* **WORK ITEM**:
An exact copy of every entry is needed, without any of the pictures.

Records from a collection:
::::::
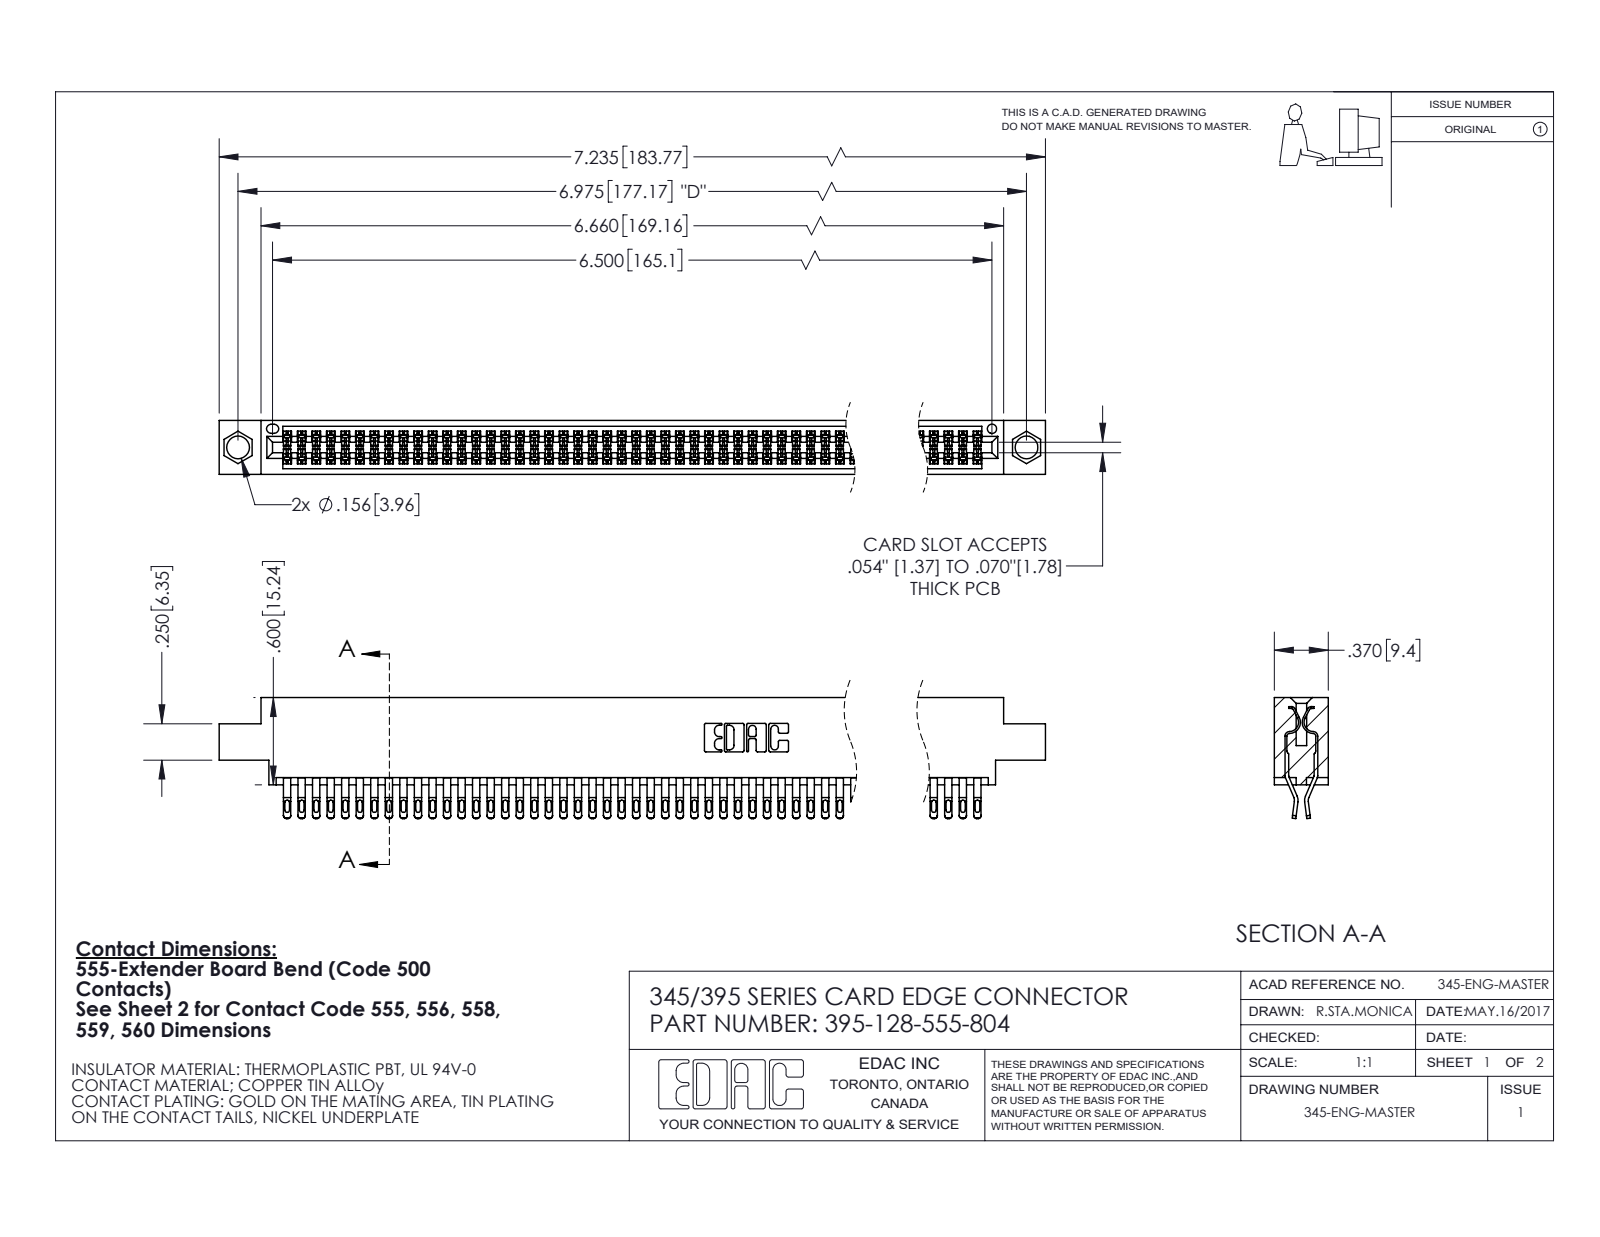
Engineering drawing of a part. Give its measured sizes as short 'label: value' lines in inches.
name: 395-128-555-804; 345-292-001_555 Tail; 345 Part_0.170 Offset - 0.156 Dia-TI
written by: SolidWorks 2020 (CONFIG_CONTROL_DESIGN)
unit: in
bodies: 129 solids, 7312 faces (4066 planar, 3246 cylindrical, 0 other)
size: 7.235 × 0.832 × 0.37
volume: 1.111 in³; area: 44.37 in²
holes: 2× ⌀0.156, 1× ⌀0.064
rounds: 320× R0.016, 256× R0.006, 256× R0.02, 22× R0.01, 6× R0.007, 6× R0.031, 3× R0.026, 2× R0.01
face distances: 0.072, 0.298, 0.025, 0.37, 0.2, 0.098, 0.272, 0.225, 0.175, 0.149
hole spacings: 0.27, 6.739, 6.975
::::::
* **RESPONSE BELOW**:
Engineering drawing of a part. Give its measured sizes as short 'label: value' lines in inches.
name: 395-128-555-804; 345-292-001_555 Tail; 345 Part_0.170 Offset - 0.156 Dia-TI
written by: SolidWorks 2020 (CONFIG_CONTROL_DESIGN)
unit: in
bodies: 129 solids, 7312 faces (4066 planar, 3246 cylindrical, 0 other)
size: 7.235 × 0.832 × 0.37
volume: 1.111 in³; area: 44.37 in²
holes: 2× ⌀0.156, 1× ⌀0.064
rounds: 320× R0.016, 256× R0.006, 256× R0.02, 22× R0.01, 6× R0.007, 6× R0.031, 3× R0.026, 2× R0.01
face distances: 0.072, 0.298, 0.025, 0.37, 0.2, 0.098, 0.272, 0.225, 0.175, 0.149
hole spacings: 0.27, 6.739, 6.975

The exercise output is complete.